WHAT YOU WILL DO: Return the listing below unchanged, but without pictures.

(Beginning of EXTRACTED ENTRIES)

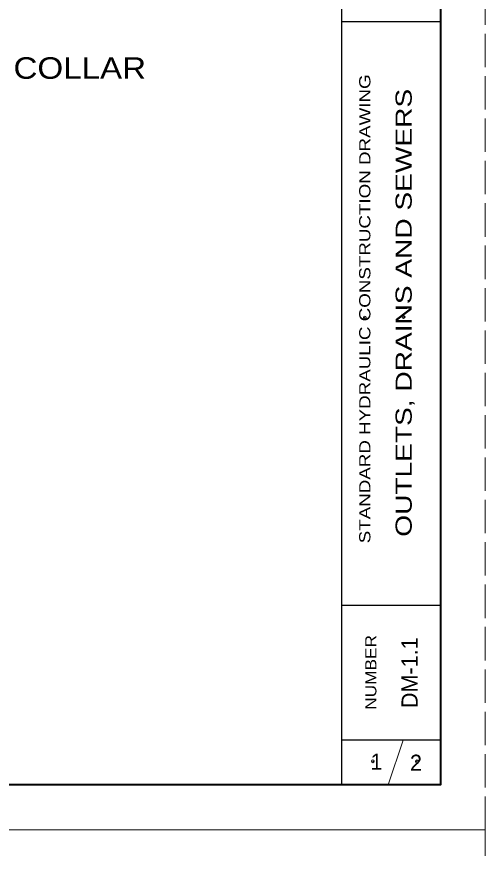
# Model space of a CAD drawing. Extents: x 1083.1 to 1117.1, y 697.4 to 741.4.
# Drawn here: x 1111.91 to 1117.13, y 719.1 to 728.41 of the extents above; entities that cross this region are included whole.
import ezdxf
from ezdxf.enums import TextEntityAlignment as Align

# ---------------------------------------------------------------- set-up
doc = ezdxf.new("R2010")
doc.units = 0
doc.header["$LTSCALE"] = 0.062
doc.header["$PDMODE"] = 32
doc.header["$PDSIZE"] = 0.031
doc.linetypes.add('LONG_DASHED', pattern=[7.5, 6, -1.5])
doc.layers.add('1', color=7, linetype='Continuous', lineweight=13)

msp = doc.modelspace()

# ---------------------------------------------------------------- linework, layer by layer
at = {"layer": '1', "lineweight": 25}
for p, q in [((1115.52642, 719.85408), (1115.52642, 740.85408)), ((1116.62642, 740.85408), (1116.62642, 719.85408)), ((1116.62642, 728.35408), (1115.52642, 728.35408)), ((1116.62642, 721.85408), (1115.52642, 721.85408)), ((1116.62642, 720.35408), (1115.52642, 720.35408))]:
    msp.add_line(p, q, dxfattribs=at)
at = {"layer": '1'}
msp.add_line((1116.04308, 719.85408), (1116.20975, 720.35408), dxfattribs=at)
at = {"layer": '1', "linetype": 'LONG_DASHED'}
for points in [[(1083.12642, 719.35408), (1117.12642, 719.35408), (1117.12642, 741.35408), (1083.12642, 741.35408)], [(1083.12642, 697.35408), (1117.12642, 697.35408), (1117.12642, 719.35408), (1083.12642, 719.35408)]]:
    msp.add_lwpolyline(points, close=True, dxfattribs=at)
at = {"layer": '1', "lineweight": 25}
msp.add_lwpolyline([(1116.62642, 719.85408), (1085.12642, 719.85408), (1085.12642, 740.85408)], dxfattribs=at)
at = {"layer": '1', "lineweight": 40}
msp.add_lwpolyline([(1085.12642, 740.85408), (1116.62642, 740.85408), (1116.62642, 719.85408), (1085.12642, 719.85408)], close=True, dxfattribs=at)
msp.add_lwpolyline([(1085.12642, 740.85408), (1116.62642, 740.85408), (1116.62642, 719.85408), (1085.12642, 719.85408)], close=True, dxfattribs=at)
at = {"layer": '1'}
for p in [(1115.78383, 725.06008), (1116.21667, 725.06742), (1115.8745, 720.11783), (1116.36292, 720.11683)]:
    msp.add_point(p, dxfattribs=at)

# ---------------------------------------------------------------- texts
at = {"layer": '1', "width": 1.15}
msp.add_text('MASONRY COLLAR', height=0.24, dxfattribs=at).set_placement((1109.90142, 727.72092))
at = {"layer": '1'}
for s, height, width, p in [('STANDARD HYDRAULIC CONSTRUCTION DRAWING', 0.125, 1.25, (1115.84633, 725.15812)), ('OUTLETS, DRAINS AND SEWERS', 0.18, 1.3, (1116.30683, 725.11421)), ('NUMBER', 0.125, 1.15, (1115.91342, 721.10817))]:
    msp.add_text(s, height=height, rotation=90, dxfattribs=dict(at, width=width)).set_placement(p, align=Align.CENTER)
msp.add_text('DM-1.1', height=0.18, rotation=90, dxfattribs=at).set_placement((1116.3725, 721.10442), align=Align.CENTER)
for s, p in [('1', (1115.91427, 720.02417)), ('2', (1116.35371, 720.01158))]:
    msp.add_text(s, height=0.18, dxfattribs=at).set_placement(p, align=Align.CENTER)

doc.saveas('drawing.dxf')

(End of EXTRACTED ENTRIES)

RESULT:
# Model space of a CAD drawing. Extents: x 1083.1 to 1117.1, y 697.4 to 741.4.
# Drawn here: x 1111.91 to 1117.13, y 719.1 to 728.41 of the extents above; entities that cross this region are included whole.
import ezdxf
from ezdxf.enums import TextEntityAlignment as Align

# ---------------------------------------------------------------- set-up
doc = ezdxf.new("R2010")
doc.units = 0
doc.header["$LTSCALE"] = 0.062
doc.header["$PDMODE"] = 32
doc.header["$PDSIZE"] = 0.031
doc.linetypes.add('LONG_DASHED', pattern=[7.5, 6, -1.5])
doc.layers.add('1', color=7, linetype='Continuous', lineweight=13)

msp = doc.modelspace()

# ---------------------------------------------------------------- linework, layer by layer
at = {"layer": '1', "lineweight": 25}
for p, q in [((1115.52642, 719.85408), (1115.52642, 740.85408)), ((1116.62642, 740.85408), (1116.62642, 719.85408)), ((1116.62642, 728.35408), (1115.52642, 728.35408)), ((1116.62642, 721.85408), (1115.52642, 721.85408)), ((1116.62642, 720.35408), (1115.52642, 720.35408))]:
    msp.add_line(p, q, dxfattribs=at)
at = {"layer": '1'}
msp.add_line((1116.04308, 719.85408), (1116.20975, 720.35408), dxfattribs=at)
at = {"layer": '1', "linetype": 'LONG_DASHED'}
for points in [[(1083.12642, 719.35408), (1117.12642, 719.35408), (1117.12642, 741.35408), (1083.12642, 741.35408)], [(1083.12642, 697.35408), (1117.12642, 697.35408), (1117.12642, 719.35408), (1083.12642, 719.35408)]]:
    msp.add_lwpolyline(points, close=True, dxfattribs=at)
at = {"layer": '1', "lineweight": 25}
msp.add_lwpolyline([(1116.62642, 719.85408), (1085.12642, 719.85408), (1085.12642, 740.85408)], dxfattribs=at)
at = {"layer": '1', "lineweight": 40}
msp.add_lwpolyline([(1085.12642, 740.85408), (1116.62642, 740.85408), (1116.62642, 719.85408), (1085.12642, 719.85408)], close=True, dxfattribs=at)
msp.add_lwpolyline([(1085.12642, 740.85408), (1116.62642, 740.85408), (1116.62642, 719.85408), (1085.12642, 719.85408)], close=True, dxfattribs=at)
at = {"layer": '1'}
for p in [(1115.78383, 725.06008), (1116.21667, 725.06742), (1115.8745, 720.11783), (1116.36292, 720.11683)]:
    msp.add_point(p, dxfattribs=at)

# ---------------------------------------------------------------- texts
at = {"layer": '1', "width": 1.15}
msp.add_text('MASONRY COLLAR', height=0.24, dxfattribs=at).set_placement((1109.90142, 727.72092))
at = {"layer": '1'}
for s, height, width, p in [('STANDARD HYDRAULIC CONSTRUCTION DRAWING', 0.125, 1.25, (1115.84633, 725.15812)), ('OUTLETS, DRAINS AND SEWERS', 0.18, 1.3, (1116.30683, 725.11421)), ('NUMBER', 0.125, 1.15, (1115.91342, 721.10817))]:
    msp.add_text(s, height=height, rotation=90, dxfattribs=dict(at, width=width)).set_placement(p, align=Align.CENTER)
msp.add_text('DM-1.1', height=0.18, rotation=90, dxfattribs=at).set_placement((1116.3725, 721.10442), align=Align.CENTER)
for s, p in [('1', (1115.91427, 720.02417)), ('2', (1116.35371, 720.01158))]:
    msp.add_text(s, height=0.18, dxfattribs=at).set_placement(p, align=Align.CENTER)

doc.saveas('drawing.dxf')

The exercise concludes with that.